As found by the CA, the records show that Dr. Alcuba merely alleged that Romero sent him an SMS message for them to meet at the Chowking Restaurant in Sta. Cruz, Manila, to collect money as consideration for the settlement of his pending administrative case. The CA noted, however, that the DOH did not present any evidence, such as the SMS message, to prove such claim. Moreover, the CSC was not convinced that there was substantial evidence that would show that an extortion of money had indeed happened. It held that the prosecution failed to show that Romero demanded, solicited or collected money as consideration for her duty as Legal Officer. What could only be deduced is that Romero was with Vergil at the Chowking Restaurant somewhere on Tayuman St. and Rizal Avenue, Sta. Cruz, Manila; and that, coincidentally, they met Dr. Acluba. However, it was not established that Romero committed the said irregular act; hence, she cannot be held administratively liable for grave misconduct. The rule is settled that the findings of fact of an administrative agency, like the CSC, are accorded due respect and even finality, and are binding upon the court especially when supported by substantial evidence, as in this case.
With regard to the claim of DOH that the CSC erred in denying its motion for reconsideration, the same is patently without merit. Section 40 of the Uniform Rules on Administrative Cases in the Civil Service provides for the grounds for filing a motion for reconsideration, to wit:
Section 40. Grounds for Motion for Reconsideration. — The motion for reconsideration shall be based on any of the following:
a. New evidence has been discovered which materially affects the decision rendered, or
b. The decision is not supported by evidence on record or
c. Errors of law or irregularities have been committed prejudicial to the interest of the movant.
In this case, the arguments raised by the DOH in its motion for reconsideration are merely a rehash of the arguments which had already been passed upon and resolved in the resolution sought to be reconsidered. There being no new argument or evidence of errors of law that would convince the Commission to overturn its resolution, the Court holds that the CSC did not err in denying the motion for reconsideration filed by the DOH.

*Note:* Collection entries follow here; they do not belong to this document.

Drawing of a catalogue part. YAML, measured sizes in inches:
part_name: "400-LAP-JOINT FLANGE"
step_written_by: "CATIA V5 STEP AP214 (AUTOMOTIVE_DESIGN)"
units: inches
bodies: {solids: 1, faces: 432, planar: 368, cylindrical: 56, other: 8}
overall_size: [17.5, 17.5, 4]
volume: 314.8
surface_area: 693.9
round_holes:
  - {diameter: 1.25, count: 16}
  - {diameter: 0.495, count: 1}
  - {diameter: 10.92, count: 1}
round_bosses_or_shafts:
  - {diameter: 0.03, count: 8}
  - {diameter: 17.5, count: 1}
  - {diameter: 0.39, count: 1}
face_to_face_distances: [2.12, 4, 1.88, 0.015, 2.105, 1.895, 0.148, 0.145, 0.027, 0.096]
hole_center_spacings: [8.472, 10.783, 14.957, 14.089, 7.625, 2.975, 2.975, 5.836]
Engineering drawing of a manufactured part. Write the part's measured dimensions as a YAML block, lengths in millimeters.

WHEREFORE, the petition is DENIED. Accordingly, the Decision of the Court of Appeals dated April 7, 2014 and its Resolution dated June 30, 2015, in CA-G.R. SP No. 112791 are AFFIRMEDin toto.
SO ORDERED."
By authority of the Court:
(SGD.) MISAEL DOMINGO C. BATTUNG IIIDivision Clerk of Court
Footnotes
1. Rollo, pp. 9-19. Penned by Associate Justice Michael P. Elbinias, with Associate Justices Isaias P. Dicdican and Victoria Isabel A. Paredes, concurring.

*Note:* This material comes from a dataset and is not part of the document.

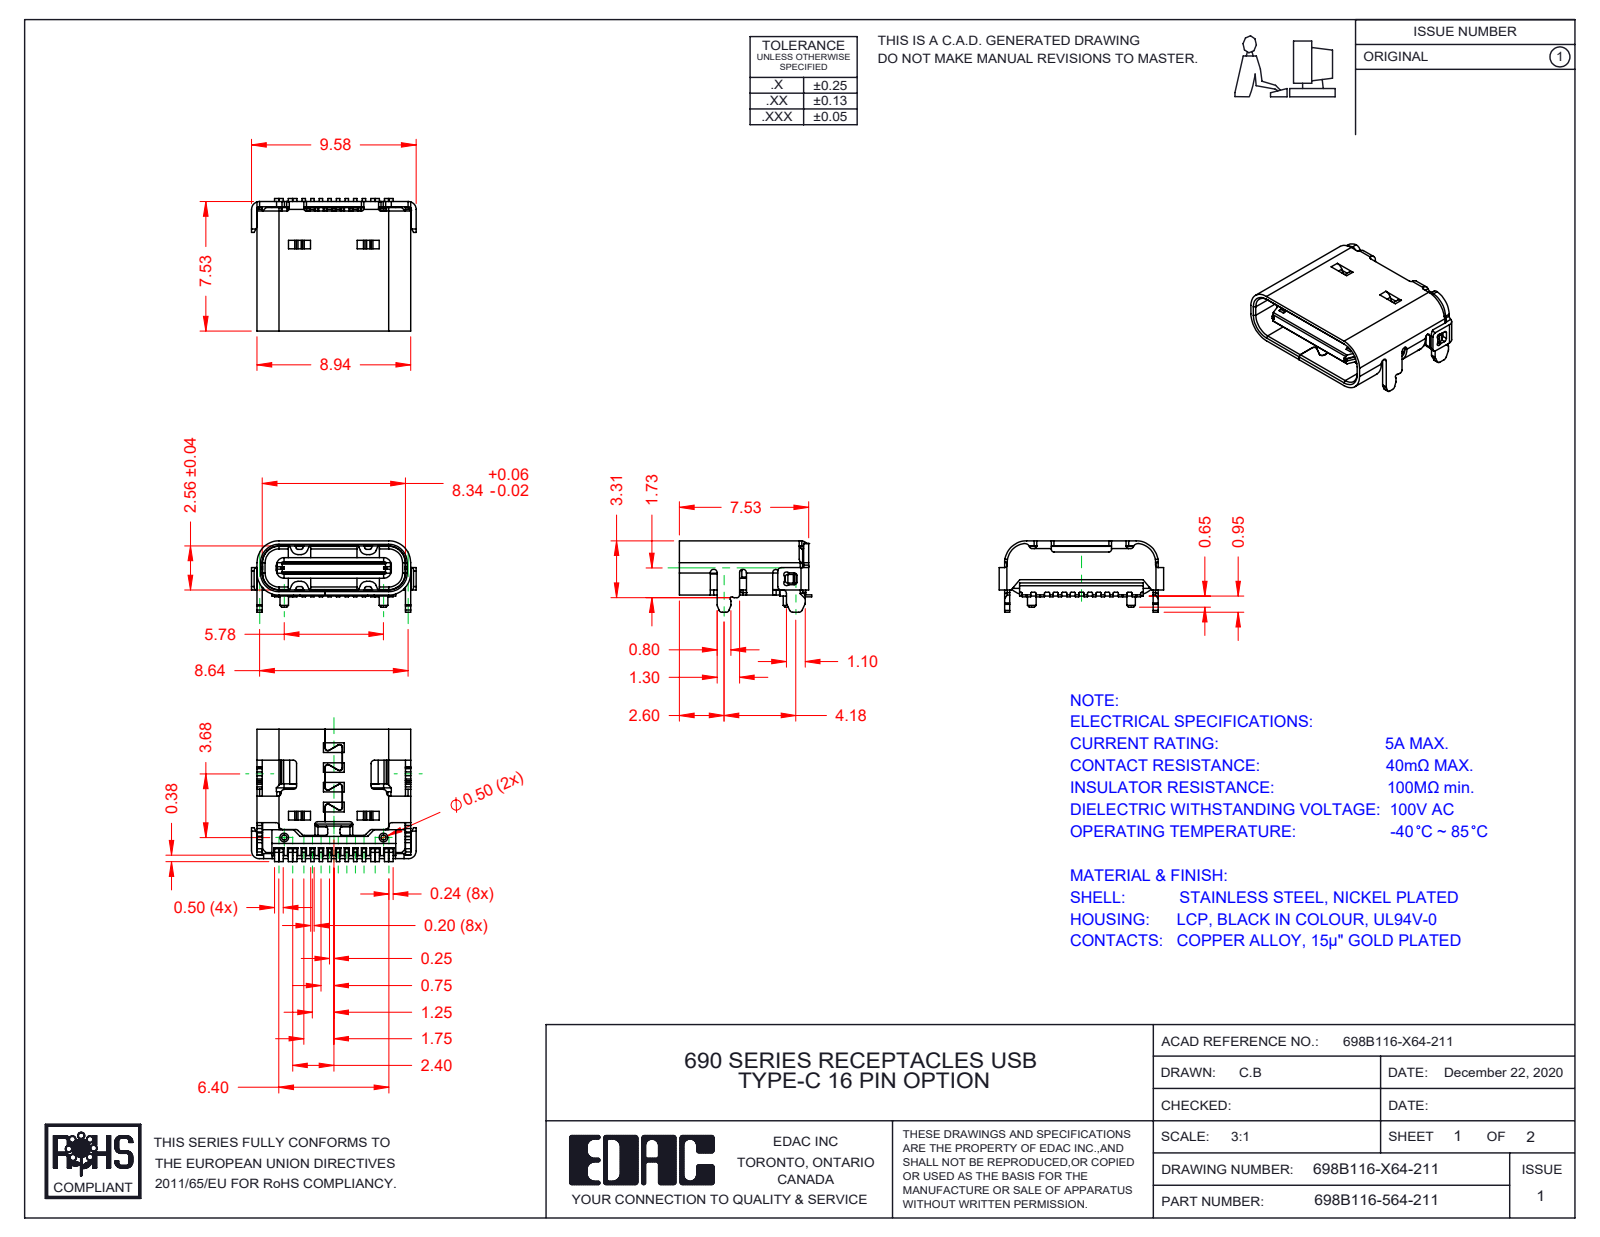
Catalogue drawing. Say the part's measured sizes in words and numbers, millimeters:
The part is named "Contacts 698B116-X64-211; Insulator 698B116-X64-211; 698B116-164-211; Shell 698B116-X64-211". Its 3-D file was written by "SolidWorks 2020 (AUTOMOTIVE_DESIGN)". It is 22 solids with 1997 faces: 1414 planar, 541 cylindrical and 42 other. Overall it measures 9.58 by 7.71 by 4.16 millimeters. Its volume is 116 cubic millimeters and its surface area 712 square millimeters. Round bosses or shafts: 2 of diameter 0.5. Partial cylindrical surfaces (rounded edges, fillets, slot ends): 76 of radius 0.15, 53 of radius 0.2, 51 of radius 0.1, 16 of radius 0.4, 15 of radius 0.13, 14 of radius 0.17, 11 of radius 0.45, 8 of radius 0.16. The main face-to-face distances are 2.86, 0.66, 1.89, 1.59, 0.97, 1.27, 1.93, 0.93, 1.23, 1.63.

2. Id. at 7-8. Penned by Associate Justice Victoria Isabel A. Paredes, with Associate Justices Remedios A. Salazar-Fernando and Isaias P. Dicdican, concurring.
3. Id. at 53, 92-93.
4. Id. at 82.
5. Id. at 83.
6. Id. at 85.
7. Id. at 92-98.
8. Id. at 98.
9. Id. at 65-73.
10. Id. at 73.
11. Id. at 74-80.
12. Id.
13. Id. at 24-49.
14. Id. at 18.
15. Section 40. Grounds for Motion for Reconsideration. — The motion for reconsideration shall be based on any of the following:
a. New evidence has been discovered which materially affects the decision rendered, or b. The decision is not supported by evidence on record or c. Errors of law or irregularities have been committed prejudicial to the interest of the movant.
16. Imperial, Jr. v. Government Service Insurance System, 674 Phil. 286, 298 (2011); Civil Service Commission v. Ledesma, 508 Phil. 569, 579-580 (2005).
17. Civil Service Commission v. Ledesma, id.